If FirstEnergy wants to break up PUCO's waltz with AEP they need to whip up a little public anger accusing PUCO of, once again, being caught in a state of dishabille with AEP.
FirstEnergy made some big, stinking deal out of packaging their profiteering on coal plant retirements as "an initiative" today.  Their "initiative" will increase their profits and energize their future [profits] at your expense.  However, a turd by any other name still stinks just as bad.

FirstEnergy's big transmission play has been common knowledge since April 26.  Take a look at PJM's April 27 TEAC presentation to find a FirstEnergy transmission project near you.

But suddenly, FirstEnergy attempts to package $1B worth of transmission projects as "an initiative."  They are simply revving their propaganda engines -- more improper influencing of regulators, shifty land agents, divide and conquer "open houses," and astroturf front groups coming right up!

"Whether it's new high voltage transmission lines, new substations, or installing voltage regulating equipment at the power plants being deactivated, we are committed to providing ongoing communications to affected stakeholders - particularly governmental officials and customers - and will minimize impacts to property owners and the environment wherever possible as these projects are built."

And about those, "impacts to property owners and the environment"...

During their 4th quarter 2011 earnings call, FirstEnergy bragged that, "The skill sets acquired from Allegheny on transmission siting and construction will also be invaluable going forward as future projects are completed." 

In that case, check out Allegheny Energy's transmission "skill sets" in minimizing impact to the environment (pictures!). Also check out Allegheny Energy's impacts on property owners here and here (letters from affected landowners).  See one of Allegheny Energy's Option for Real Estate Purchase, or a Right-of-Way Purchase Agreement and read about how Allegheny Energy treated landowners during their failed PATH transmission project in West Virginia, Virginia and Maryland.  Expect to be treated accordingly because these old dogs will never learn new tricks, they just move on to fresh meat with their "skill sets" intact.

And how does Ohio feel about FirstEnergy's "Energizing the Future" initiative?  Lance S. Traves, president of Labyrinth Management Group Inc. in Medina, a strategic environmental, health and safety consulting firm, thinks FirstEnergy's initiative is "bad energy policy for Ohio."

"FirstEnergy Corp.'s recent announcement that it will spend up to $1 billion to upgrade the electricity transmission system in Ohio to further support centralized generation is another example of a short-term energy policy that is bad for the state.

These costs to be paid by Ohio ratepayers will only heighten existing barriers to more efficient and cleaner forms of distributed electricity such as industrial co-generation and combined heat and power (CHP) in Ohio.

Second, the planned transmission upgrades will subsidize FirstEnergy's ability to use more distant power plants to provide power to Ohio.

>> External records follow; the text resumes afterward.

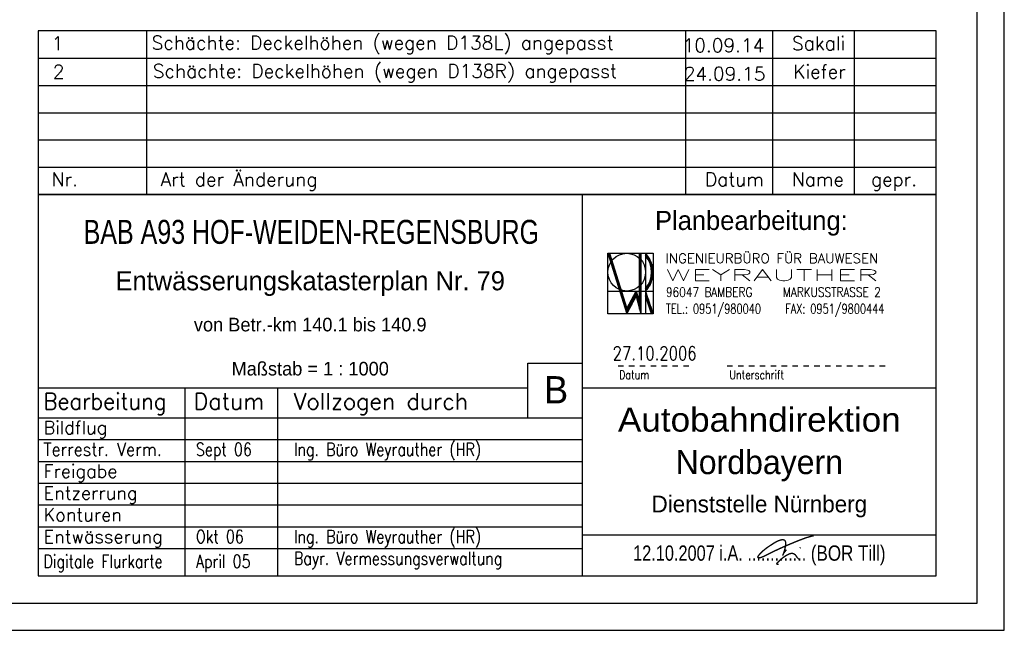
# Model space of a CAD drawing. Extents: x 4513427 to 4514562, y 5484516 to 5485110.
# Tile 13 of 15: x 4514381 to 4514562, y 5484516 to 5484628. Entities that reach past the tile are written whole.
import ezdxf
from ezdxf.enums import TextEntityAlignment as Align

# ---------------------------------------------------------------- set-up
doc = ezdxf.new("R2010")
doc.units = 0
doc.header["$LTSCALE"] = 10
doc.header["$MEASUREMENT"] = 0
doc.linetypes.add('LT00', pattern=[0])
doc.linetypes.add('LT01', pattern=[0.2, 0.1, -0.1])
for name, color, linetype in [('---Unterschrift_Till', 7, 'LT00'), ('025', 7, 'Continuous'), ('035', 250, 'Continuous'), ('050', 250, 'Continuous'), ('070', 155, 'Continuous'), ('RAHMEN', 250, 'Continuous'), ('STAT_500', 250, 'LT00')]:
    doc.layers.add(name, color=color, linetype=linetype)
doc.styles.add('ROMAND', font='romand', dxfattribs={"height": 0.3})
doc.styles.add('ROMANS', font='romans.shx')
doc.styles.add('UNIR-H', font='unir_h.shx', dxfattribs={"width": 0.8})

# ---------------------------------------------------------------- blocks, each defined once
blk = doc.blocks.new('Unterschrift Till')
at = {"layer": '---Unterschrift_Till', "const_width": 0.025, "flags": 128}
blk.add_lwpolyline([(-2.194360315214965, 0.4785021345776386), (-2.201817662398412, 0.4693815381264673), (-2.20800433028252, 0.461653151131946), (-2.21310110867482, 0.4551349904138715), (-2.217288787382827, 0.4496450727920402), (-2.220748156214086, 0.445001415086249), (-2.223660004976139, 0.4410220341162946), (-2.226205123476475, 0.4375249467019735), (-2.228564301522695, 0.4343281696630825), (-2.230887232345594, 0.4312728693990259), (-2.233199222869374, 0.4282928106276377), (-2.235494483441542, 0.4253449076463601), (-2.237767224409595, 0.4223860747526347), (-2.240011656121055, 0.4193732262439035), (-2.242221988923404, 0.4162632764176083), (-2.24439243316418, 0.4130131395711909), (-2.246517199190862, 0.4095797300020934), (-2.248584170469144, 0.4059490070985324), (-2.250555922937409, 0.4022231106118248), (-2.252388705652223, 0.3985332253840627), (-2.254038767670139, 0.3950105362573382), (-2.255462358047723, 0.3917862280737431), (-2.256615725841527, 0.3889914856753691), (-2.257455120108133, 0.3867574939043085), (-2.257936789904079, 0.3852154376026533), (-2.258028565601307, 0.3844761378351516), (-2.257744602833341, 0.3845689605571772), (-2.257110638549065, 0.3855029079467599), (-2.25615240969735, 0.38728698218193), (-2.254895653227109, 0.3899301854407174), (-2.253366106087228, 0.3934415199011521), (-2.25158950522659, 0.3978299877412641), (-2.249591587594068, 0.4031045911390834), (-2.247401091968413, 0.4092473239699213), (-2.245058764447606, 0.4161321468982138), (-2.242608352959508, 0.4236060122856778), (-2.240093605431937, 0.4315158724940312), (-2.237558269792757, 0.4397086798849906), (-2.235046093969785, 0.4480313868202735), (-2.23260082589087, 0.4563309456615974), (-2.23026621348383, 0.4644543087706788), (-2.228077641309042, 0.4722782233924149), (-2.226037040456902, 0.4797986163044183), (-2.224137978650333, 0.4870412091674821), (-2.222374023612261, 0.4940317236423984), (-2.220738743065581, 0.50079588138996), (-2.219225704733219, 0.5073594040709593), (-2.217828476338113, 0.5137480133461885), (-2.216540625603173, 0.5199874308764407), (-2.215356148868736, 0.5261020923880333), (-2.214270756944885, 0.5321112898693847), (-2.213280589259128, 0.5380330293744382), (-2.212381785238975, 0.543885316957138), (-2.211570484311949, 0.5496861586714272), (-2.210842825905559, 0.5554535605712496), (-2.210194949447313, 0.5612055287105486), (-2.209622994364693, 0.5669600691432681), (-2.209125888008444, 0.5727263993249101), (-2.208713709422, 0.5784785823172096), (-2.208399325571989, 0.5841818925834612), (-2.208195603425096, 0.5898016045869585), (-2.208115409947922, 0.5953029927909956), (-2.208171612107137, 0.6006513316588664), (-2.208377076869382, 0.6058118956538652), (-2.208744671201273, 0.6107499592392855), (-2.209283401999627, 0.6154361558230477), (-2.20998683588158, 0.6198625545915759), (-2.210844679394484, 0.6240265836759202), (-2.211846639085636, 0.6279256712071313), (-2.212982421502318, 0.6315572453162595), (-2.214241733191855, 0.6349187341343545), (-2.215614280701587, 0.6380075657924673), (-2.217089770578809, 0.6408211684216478), (-2.218658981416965, 0.6433610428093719), (-2.220316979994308, 0.6456449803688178), (-2.222059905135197, 0.6476948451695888), (-2.223883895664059, 0.6495325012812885), (-2.225785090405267, 0.6511798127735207), (-2.227759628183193, 0.6526586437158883), (-2.229803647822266, 0.6539908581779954), (-2.231913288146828, 0.6551983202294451), (-2.234087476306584, 0.6562994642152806), (-2.236336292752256, 0.6572990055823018), (-2.238672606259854, 0.6581982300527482), (-2.241109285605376, 0.6589984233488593), (-2.243659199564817, 0.659700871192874), (-2.246335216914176, 0.6603068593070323), (-2.249150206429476, 0.6608176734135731), (-2.25211703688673, 0.6612345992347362), (-2.255244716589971, 0.6615578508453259), (-2.258526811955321, 0.6617833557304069), (-2.26195302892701, 0.6619059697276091), (-2.265513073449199, 0.6619205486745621), (-2.269196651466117, 0.6618219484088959), (-2.272993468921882, 0.6616050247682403), (-2.276893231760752, 0.6612646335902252), (-2.280885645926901, 0.6607956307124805), (-2.284959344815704, 0.6601952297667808), (-2.289098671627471, 0.6594700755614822), (-2.293286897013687, 0.6586291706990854), (-2.297507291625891, 0.6576815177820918), (-2.301743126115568, 0.6566361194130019), (-2.305977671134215, 0.655501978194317), (-2.310194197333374, 0.654288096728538), (-2.314375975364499, 0.6530034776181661), (-2.318508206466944, 0.6516566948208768), (-2.322583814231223, 0.6502546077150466), (-2.326597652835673, 0.6488036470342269), (-2.330544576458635, 0.6473102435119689), (-2.33441943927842, 0.6457808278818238), (-2.338217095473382, 0.6442218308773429), (-2.341932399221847, 0.6426396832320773), (-2.345560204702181, 0.6410408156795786), (-2.349100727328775, 0.6394297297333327), (-2.352575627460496, 0.6378032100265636), (-2.356011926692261, 0.6361561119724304), (-2.359436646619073, 0.6344832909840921), (-2.362876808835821, 0.6327796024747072), (-2.366359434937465, 0.6310399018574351), (-2.369911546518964, 0.6292590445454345), (-2.373560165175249, 0.6274318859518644), (-2.37732523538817, 0.6255534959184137), (-2.38119839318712, 0.6236198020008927), (-2.385164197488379, 0.6216269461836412), (-2.389207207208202, 0.6195710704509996), (-2.393311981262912, 0.6174483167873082), (-2.397463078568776, 0.6152548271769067), (-2.401645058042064, 0.6129867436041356), (-2.405842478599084, 0.6106402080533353), (-2.410057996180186, 0.6082036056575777), (-2.414366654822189, 0.6056342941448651), (-2.418861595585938, 0.6028818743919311), (-2.423635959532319, 0.5998959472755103), (-2.428782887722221, 0.5966261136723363), (-2.43439552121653, 0.5930219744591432), (-2.440567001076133, 0.5890331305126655), (-2.447390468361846, 0.5846091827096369), (-2.454915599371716, 0.5797255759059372), (-2.463018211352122, 0.57446113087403), (-2.471530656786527, 0.5689205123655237), (-2.48028528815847, 0.5632083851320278), (-2.489114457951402, 0.5574294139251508), (-2.497850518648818, 0.5516882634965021), (-2.506325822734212, 0.5460895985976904), (-2.514372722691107, 0.5407380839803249), (-2.521859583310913, 0.5357151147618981), (-2.528798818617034, 0.5310090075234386), (-2.5352388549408, 0.5265848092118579), (-2.541228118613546, 0.5224075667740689), (-2.546815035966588, 0.5184423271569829), (-2.552048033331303, 0.5146541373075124), (-2.556975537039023, 0.5110080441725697), (-2.561645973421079, 0.5074690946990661), (-2.566103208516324, 0.5040086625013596), (-2.570372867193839, 0.500623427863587), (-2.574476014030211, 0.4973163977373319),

Longer transmission distances result in increased transmission line electricity losses and lower overall efficiency. However, when rate payers cover the capital cost for transmission, FirstEnergy and other investor-owned utilities can afford the additional transmission losses."

Gotta introduce this guy to Bill  :-)

FirstEnergy -- out of your backyard and into someone else's.  It would be nice if they could at least finish their last failure by properly abandoning the PATH project before moving on to new profit-making "initiatives" and having their "best practices" turned upside down by a new crop of transmission project opponents.

Those of us who look wistfully and admiringly upon the Illinois Commerce Commission as a staunch defender of the electric consumers they are mandated to protect because our own Consumer Advocate sees himself as someone who must balance the rights of consumers with the wants of investor owned utilities, now have one more reason to want to move to Illinois.

The ICC filed a motion to intervene in PJM's recent cost allocation filing at FERC that added a whole bunch of new RTEP projects approved earlier this month.  At issue are three new allocations for 500kV projects located in  Pennsylvania and Virginia.  The ICC notes that ratepayers in Illinois will pay approximately $26M for these projects, but will receive no benefit.

"Given that the three projects are to be constructed in Virginia and Pennsylvania, it is a reasonably safe assumption that the primary beneficiaries of the projects are not distributed evenly across the PJM footprint. Yet, PJM’s load-ratio share approach allocates the costs of these projects as if they were."

"A second flaw in PJM’s load-ratio share cost allocation approach is that it typically results in customers in distant zones like ComEd paying more than the customers in the local zone where the facility is located. In this case, electricity consumers in the ComEd zone would pay a higher share of the cost of the three projects than the customers in any of the transmission zones in which facilities are to be located (14.64 percent for the ComEd zone versus 5.53 percent for APS, 1.92 percent for Metropolitan Edison and 12.45 percent for Dominion) simply because the ComEd zone’s non-coincident peak load is higher than the non-coincident peak load."

The ICC requests that FERC dismiss cost responsibility for the ComEd zone, or "hold its consideration of this part of PJM’s May 2 Filing in abeyance until the Commission addresses the requests for rehearing of its order responding to the remand from the United States Court of Appeals for the 7th Circuit."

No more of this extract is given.